_What is being asked_:
Track down each line below containing the string "IfcRepresentationMap" and copy it.

[Source data]

>>

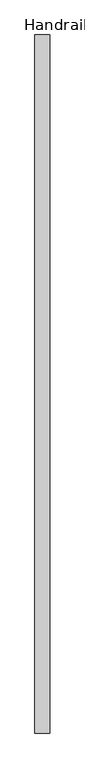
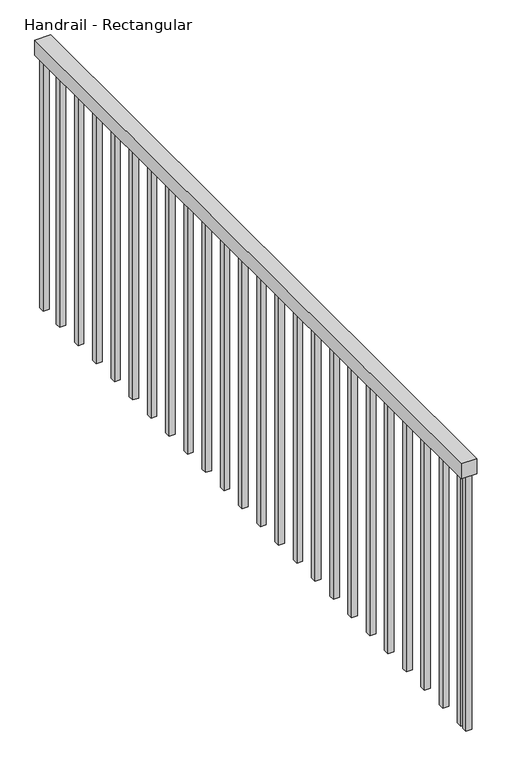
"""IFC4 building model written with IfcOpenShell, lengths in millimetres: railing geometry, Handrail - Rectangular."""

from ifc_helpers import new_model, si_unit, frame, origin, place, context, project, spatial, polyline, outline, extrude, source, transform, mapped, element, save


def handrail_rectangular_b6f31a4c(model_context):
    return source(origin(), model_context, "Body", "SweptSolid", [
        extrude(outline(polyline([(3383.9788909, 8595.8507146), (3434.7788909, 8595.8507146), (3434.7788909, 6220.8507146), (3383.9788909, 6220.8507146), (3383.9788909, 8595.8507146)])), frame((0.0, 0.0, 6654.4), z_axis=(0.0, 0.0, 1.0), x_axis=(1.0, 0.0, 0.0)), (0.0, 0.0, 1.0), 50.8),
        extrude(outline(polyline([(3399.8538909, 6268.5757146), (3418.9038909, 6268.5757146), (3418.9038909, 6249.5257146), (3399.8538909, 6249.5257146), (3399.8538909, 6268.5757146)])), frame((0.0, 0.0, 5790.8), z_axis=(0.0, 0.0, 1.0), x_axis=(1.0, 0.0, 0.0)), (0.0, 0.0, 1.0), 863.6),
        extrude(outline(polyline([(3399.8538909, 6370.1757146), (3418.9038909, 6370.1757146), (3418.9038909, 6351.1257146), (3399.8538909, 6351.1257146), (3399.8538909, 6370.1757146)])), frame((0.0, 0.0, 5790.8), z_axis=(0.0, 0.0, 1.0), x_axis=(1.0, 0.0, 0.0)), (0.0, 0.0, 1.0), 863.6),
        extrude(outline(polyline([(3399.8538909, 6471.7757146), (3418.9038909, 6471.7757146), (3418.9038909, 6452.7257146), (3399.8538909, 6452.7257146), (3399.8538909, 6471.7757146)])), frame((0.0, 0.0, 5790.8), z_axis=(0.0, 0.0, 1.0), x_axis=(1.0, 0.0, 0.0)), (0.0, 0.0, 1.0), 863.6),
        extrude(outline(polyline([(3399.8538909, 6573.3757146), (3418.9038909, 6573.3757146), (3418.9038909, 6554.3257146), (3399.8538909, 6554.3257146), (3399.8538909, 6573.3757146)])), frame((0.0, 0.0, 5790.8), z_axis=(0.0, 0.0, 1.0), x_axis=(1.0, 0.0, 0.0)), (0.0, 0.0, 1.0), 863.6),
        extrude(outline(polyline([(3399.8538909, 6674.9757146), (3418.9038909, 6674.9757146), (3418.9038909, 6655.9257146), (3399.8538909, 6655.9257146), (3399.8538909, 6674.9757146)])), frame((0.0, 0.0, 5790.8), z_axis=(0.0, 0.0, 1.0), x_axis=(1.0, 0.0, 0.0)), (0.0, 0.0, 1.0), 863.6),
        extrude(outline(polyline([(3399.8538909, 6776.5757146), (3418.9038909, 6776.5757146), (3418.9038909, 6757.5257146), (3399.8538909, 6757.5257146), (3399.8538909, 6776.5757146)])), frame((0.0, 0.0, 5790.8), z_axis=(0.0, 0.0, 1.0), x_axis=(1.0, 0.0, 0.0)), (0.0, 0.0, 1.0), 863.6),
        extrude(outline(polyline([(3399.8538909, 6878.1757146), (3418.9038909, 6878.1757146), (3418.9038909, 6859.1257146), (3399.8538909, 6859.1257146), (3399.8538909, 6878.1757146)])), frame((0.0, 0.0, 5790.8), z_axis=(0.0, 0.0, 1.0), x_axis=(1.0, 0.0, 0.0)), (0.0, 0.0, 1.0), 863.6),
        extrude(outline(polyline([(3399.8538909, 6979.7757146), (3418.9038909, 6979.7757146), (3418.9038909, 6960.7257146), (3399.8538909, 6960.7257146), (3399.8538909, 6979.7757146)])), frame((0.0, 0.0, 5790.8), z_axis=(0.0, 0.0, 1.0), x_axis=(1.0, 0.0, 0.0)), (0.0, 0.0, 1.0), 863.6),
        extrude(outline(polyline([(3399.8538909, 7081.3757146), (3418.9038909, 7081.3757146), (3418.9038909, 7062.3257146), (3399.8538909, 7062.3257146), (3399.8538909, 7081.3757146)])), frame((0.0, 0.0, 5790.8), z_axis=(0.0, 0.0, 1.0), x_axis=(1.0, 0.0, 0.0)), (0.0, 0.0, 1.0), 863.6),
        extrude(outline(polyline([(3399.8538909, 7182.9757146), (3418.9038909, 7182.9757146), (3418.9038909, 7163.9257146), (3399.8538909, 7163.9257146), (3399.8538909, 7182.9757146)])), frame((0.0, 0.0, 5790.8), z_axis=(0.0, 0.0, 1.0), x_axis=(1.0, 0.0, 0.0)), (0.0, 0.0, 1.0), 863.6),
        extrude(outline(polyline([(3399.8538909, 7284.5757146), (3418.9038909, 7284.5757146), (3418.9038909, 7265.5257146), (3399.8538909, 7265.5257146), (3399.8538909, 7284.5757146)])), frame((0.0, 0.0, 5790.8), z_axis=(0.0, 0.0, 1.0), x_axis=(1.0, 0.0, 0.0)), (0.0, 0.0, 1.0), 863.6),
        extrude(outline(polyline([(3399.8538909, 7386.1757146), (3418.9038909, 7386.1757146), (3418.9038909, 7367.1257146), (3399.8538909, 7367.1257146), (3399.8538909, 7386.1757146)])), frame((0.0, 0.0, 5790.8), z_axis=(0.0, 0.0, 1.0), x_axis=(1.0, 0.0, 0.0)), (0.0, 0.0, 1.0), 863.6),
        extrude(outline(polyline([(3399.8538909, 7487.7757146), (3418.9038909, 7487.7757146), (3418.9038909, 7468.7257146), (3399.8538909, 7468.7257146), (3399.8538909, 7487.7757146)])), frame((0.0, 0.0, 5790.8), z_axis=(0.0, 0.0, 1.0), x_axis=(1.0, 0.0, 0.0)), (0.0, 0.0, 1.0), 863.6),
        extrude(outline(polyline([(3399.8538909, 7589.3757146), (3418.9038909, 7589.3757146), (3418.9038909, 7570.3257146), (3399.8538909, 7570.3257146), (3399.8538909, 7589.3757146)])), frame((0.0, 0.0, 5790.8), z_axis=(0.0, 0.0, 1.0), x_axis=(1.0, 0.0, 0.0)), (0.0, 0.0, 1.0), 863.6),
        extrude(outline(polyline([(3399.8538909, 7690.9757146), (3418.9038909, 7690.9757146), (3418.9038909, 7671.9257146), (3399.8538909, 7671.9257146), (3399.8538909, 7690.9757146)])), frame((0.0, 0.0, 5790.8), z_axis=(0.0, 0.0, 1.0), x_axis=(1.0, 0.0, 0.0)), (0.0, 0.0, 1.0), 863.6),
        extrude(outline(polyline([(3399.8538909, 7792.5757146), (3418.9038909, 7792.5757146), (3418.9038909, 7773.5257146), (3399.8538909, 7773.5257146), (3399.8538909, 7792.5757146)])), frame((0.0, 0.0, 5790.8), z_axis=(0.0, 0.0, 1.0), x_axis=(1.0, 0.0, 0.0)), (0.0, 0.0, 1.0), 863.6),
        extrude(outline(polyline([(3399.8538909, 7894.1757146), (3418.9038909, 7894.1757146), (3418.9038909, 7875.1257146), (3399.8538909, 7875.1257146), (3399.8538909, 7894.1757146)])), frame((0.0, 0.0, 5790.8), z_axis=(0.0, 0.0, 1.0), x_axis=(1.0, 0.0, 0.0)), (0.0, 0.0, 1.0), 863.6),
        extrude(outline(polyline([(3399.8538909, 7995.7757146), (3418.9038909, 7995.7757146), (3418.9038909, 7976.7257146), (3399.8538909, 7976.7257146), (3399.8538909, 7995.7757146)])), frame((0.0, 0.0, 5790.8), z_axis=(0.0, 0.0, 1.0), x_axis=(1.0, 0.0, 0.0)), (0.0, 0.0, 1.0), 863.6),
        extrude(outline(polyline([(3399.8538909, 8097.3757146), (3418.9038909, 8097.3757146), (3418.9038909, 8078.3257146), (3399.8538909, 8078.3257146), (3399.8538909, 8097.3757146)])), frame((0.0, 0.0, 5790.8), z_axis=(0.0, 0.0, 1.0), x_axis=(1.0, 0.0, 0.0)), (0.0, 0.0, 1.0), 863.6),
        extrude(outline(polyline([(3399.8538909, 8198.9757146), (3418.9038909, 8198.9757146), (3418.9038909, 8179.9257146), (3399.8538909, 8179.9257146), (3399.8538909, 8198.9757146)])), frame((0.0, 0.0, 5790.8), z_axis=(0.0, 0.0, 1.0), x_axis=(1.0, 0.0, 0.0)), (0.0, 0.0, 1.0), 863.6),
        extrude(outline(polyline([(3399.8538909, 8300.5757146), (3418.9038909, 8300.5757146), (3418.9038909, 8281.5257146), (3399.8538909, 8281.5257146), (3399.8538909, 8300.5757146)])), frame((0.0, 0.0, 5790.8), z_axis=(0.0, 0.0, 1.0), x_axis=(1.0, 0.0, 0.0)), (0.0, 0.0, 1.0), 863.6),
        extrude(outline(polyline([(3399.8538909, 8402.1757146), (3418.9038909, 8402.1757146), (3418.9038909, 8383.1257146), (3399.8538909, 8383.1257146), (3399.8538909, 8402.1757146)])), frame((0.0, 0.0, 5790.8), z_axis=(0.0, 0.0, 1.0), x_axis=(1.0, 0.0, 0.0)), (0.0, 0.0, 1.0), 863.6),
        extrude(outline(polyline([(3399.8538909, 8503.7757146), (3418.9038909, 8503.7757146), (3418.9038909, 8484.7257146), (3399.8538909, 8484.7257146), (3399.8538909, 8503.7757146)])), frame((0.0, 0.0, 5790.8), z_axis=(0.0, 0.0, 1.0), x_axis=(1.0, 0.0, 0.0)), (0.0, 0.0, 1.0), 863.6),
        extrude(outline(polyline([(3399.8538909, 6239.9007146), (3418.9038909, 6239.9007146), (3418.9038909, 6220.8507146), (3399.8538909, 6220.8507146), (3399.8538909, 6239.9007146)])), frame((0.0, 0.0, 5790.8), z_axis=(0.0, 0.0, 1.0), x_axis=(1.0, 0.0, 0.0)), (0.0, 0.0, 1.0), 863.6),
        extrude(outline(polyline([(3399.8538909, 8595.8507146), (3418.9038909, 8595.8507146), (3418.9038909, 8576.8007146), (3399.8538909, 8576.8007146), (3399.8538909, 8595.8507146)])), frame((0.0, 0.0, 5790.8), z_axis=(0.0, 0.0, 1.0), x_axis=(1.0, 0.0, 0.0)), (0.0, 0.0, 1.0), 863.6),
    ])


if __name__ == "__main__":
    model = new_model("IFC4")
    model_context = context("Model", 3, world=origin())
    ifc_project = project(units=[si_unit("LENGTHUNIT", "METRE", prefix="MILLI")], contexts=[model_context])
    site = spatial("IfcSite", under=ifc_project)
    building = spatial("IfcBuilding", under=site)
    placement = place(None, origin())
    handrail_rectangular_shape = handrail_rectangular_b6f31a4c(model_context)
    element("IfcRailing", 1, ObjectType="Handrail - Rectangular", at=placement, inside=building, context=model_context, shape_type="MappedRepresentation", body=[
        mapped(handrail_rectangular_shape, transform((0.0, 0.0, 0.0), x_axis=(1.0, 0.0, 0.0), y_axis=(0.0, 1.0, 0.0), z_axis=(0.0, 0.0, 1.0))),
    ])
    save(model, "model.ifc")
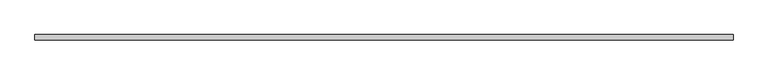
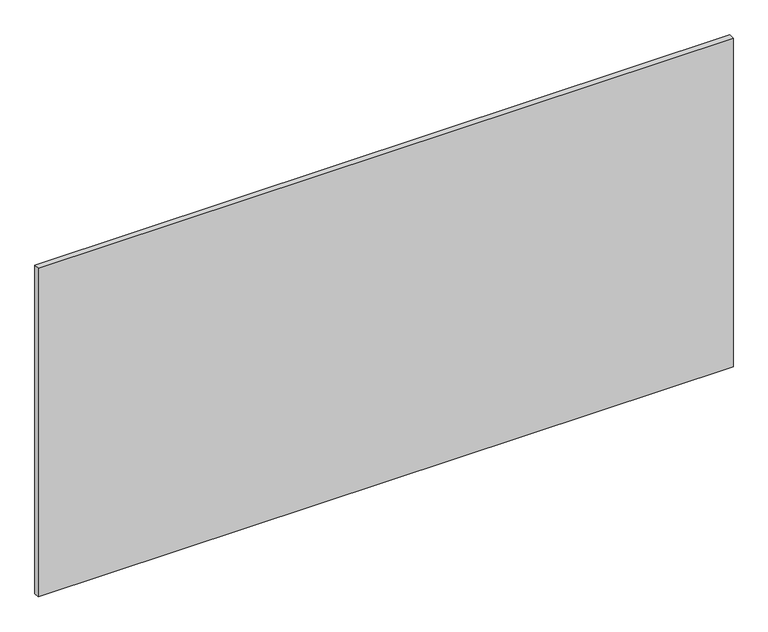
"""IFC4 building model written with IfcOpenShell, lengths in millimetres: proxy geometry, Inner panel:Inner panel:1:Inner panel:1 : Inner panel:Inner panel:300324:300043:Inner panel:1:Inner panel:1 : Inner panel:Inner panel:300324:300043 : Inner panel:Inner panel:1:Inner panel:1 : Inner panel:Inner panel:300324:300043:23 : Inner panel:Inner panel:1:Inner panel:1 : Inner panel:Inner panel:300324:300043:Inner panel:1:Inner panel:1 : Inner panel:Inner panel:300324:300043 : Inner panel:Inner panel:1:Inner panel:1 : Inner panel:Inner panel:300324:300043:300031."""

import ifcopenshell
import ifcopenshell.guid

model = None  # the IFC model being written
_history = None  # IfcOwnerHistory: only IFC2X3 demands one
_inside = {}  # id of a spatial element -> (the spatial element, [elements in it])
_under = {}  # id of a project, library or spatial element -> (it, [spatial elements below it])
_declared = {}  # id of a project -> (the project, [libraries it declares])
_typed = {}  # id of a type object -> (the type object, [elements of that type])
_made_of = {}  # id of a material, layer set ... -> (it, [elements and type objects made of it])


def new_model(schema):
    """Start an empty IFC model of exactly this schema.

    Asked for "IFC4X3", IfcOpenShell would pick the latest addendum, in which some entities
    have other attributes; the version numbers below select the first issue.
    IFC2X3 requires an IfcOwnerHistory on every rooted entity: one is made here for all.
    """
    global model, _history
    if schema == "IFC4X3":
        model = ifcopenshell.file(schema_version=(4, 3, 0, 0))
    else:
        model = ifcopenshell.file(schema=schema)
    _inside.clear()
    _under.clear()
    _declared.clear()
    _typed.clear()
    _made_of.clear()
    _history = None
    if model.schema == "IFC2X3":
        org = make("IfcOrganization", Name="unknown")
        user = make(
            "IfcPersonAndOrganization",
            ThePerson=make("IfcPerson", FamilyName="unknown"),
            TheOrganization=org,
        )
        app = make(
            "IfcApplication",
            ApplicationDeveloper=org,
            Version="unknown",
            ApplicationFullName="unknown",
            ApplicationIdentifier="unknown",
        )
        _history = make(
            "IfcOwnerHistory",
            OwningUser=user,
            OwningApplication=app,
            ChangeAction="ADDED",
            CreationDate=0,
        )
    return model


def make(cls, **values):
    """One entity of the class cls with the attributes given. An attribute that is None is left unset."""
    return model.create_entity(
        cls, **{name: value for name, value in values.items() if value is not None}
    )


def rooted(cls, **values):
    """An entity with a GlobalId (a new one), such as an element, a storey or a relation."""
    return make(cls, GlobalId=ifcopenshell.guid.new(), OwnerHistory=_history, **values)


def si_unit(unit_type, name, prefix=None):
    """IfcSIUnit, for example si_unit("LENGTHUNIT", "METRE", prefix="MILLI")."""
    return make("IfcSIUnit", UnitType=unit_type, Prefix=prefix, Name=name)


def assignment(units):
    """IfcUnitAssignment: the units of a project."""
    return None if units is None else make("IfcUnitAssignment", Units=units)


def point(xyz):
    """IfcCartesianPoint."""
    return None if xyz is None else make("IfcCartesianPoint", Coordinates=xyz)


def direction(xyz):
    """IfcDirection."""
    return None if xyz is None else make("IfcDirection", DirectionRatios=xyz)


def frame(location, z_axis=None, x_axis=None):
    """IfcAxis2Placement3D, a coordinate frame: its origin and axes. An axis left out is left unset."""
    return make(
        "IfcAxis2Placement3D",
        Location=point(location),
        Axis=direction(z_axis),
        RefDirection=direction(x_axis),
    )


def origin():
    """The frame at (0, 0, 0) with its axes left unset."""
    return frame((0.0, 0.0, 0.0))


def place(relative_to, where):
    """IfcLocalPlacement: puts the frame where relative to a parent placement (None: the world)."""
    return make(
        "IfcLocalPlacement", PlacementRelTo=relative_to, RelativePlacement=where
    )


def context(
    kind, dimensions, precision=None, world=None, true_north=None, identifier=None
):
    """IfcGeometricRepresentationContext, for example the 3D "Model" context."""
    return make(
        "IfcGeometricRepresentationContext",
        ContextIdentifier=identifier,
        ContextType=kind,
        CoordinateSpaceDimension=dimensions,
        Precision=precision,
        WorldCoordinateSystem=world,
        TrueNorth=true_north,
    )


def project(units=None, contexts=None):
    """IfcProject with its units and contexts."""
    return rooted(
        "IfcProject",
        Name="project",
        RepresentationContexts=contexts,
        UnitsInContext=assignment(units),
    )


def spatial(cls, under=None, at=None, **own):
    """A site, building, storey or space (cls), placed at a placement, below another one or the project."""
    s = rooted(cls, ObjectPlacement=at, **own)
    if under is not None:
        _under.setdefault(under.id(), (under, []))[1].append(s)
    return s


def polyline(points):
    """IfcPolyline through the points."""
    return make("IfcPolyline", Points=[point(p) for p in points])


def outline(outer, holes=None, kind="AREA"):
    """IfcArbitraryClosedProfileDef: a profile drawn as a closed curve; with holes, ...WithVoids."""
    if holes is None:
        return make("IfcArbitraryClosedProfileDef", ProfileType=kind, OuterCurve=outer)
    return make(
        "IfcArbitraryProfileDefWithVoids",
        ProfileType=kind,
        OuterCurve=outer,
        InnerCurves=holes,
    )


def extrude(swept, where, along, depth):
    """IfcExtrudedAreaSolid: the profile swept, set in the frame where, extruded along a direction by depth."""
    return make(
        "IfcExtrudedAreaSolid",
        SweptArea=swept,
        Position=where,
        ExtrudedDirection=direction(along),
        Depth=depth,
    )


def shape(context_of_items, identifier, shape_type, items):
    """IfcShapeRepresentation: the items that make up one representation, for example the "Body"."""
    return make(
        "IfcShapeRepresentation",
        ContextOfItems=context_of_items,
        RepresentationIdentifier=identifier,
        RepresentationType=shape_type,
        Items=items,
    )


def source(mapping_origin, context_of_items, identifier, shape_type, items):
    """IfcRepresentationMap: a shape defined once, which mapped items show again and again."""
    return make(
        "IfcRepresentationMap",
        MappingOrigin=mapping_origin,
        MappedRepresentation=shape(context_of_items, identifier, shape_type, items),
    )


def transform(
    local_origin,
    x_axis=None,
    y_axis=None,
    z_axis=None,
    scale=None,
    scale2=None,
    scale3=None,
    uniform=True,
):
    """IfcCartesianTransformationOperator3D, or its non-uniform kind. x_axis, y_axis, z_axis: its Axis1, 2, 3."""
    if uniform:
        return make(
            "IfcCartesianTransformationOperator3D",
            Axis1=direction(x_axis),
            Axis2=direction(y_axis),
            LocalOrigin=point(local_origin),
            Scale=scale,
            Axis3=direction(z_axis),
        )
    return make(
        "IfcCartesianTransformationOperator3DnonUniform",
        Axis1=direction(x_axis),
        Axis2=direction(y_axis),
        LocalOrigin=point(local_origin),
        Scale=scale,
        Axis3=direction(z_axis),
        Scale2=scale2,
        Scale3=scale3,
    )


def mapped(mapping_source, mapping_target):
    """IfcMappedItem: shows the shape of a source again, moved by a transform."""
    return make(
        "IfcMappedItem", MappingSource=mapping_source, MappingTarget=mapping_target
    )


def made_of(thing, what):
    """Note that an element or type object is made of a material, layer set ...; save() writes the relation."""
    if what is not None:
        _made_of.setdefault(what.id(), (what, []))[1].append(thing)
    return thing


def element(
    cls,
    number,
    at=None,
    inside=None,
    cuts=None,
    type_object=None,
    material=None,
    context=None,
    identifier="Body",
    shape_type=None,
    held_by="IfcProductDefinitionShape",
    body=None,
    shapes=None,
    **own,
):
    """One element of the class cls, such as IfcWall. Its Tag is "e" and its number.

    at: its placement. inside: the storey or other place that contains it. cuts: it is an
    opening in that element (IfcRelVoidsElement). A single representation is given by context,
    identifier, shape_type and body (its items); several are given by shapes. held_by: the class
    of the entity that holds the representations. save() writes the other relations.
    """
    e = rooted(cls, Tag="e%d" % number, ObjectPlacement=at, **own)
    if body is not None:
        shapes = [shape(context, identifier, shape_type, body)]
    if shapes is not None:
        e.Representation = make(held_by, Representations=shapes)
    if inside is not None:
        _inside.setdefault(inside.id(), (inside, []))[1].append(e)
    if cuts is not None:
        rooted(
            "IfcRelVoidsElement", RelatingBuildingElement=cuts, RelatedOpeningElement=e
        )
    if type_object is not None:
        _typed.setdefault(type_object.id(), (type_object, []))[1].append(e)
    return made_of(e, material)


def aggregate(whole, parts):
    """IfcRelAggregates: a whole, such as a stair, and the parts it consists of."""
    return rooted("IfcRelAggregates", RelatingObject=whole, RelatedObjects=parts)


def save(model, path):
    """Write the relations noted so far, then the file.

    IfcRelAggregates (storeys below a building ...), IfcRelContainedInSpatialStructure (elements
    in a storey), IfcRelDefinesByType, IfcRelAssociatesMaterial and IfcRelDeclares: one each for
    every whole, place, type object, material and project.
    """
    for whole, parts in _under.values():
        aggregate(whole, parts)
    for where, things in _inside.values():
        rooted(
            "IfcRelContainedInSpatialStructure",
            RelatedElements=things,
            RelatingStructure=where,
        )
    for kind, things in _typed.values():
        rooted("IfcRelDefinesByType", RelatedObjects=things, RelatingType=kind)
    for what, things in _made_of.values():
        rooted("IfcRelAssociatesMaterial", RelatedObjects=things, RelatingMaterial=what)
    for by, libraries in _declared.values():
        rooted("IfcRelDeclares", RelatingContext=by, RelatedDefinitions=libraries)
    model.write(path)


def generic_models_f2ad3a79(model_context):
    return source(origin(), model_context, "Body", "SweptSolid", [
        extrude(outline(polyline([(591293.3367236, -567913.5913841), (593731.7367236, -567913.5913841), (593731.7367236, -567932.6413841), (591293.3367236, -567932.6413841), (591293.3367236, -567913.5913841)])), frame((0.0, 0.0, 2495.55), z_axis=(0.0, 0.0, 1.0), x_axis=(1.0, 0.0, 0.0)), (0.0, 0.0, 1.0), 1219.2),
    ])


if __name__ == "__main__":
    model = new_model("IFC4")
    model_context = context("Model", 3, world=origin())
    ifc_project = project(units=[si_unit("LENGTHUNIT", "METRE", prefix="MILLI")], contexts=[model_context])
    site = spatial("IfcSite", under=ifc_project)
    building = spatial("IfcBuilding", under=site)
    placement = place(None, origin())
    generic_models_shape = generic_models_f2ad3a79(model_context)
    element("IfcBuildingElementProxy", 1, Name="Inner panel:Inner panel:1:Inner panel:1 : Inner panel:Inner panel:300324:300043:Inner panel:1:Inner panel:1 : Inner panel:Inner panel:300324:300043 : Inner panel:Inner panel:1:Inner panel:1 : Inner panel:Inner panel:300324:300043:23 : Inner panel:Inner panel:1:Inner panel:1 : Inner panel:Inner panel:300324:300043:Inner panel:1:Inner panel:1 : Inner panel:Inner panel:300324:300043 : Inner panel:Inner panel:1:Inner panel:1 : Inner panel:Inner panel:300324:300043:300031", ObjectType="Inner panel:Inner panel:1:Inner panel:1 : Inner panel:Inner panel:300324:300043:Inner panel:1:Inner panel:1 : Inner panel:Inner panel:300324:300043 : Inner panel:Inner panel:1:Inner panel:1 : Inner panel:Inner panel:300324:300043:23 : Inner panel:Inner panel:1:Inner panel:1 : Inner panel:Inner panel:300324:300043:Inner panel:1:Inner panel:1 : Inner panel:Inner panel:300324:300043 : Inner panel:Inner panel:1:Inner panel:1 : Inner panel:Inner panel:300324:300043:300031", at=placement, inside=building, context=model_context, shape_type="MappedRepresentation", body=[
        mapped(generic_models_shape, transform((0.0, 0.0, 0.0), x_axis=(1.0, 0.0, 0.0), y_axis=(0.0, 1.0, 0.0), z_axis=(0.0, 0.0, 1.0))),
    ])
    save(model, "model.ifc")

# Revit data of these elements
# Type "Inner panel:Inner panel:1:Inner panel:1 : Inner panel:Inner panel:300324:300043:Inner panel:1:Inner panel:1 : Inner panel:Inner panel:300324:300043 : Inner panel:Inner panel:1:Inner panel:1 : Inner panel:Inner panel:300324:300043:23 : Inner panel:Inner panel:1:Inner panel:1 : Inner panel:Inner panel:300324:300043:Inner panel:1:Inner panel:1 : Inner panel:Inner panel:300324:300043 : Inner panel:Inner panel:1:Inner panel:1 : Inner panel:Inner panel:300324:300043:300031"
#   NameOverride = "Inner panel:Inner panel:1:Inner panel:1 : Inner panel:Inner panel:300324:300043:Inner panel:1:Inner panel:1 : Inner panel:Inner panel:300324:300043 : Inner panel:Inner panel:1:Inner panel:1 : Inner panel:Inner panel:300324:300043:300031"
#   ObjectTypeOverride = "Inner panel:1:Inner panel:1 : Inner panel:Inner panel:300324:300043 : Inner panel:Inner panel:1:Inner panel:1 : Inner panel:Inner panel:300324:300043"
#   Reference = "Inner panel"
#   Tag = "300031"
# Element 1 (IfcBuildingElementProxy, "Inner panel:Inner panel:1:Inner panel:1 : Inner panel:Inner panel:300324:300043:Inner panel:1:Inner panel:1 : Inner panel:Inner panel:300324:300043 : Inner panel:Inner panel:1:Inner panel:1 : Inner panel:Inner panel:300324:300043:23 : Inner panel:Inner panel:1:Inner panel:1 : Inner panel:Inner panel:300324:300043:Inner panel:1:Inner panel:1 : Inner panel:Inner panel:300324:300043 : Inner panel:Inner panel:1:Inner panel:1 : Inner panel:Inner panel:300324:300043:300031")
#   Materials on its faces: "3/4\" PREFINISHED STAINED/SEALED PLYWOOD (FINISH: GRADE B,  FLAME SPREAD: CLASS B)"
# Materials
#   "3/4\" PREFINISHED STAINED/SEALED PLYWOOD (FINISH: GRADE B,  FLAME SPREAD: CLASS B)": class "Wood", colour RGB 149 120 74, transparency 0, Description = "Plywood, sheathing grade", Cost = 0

<<

_Output of the exercise_:
    """IfcRepresentationMap: a shape defined once, which mapped items show again and again."""
        "IfcRepresentationMap",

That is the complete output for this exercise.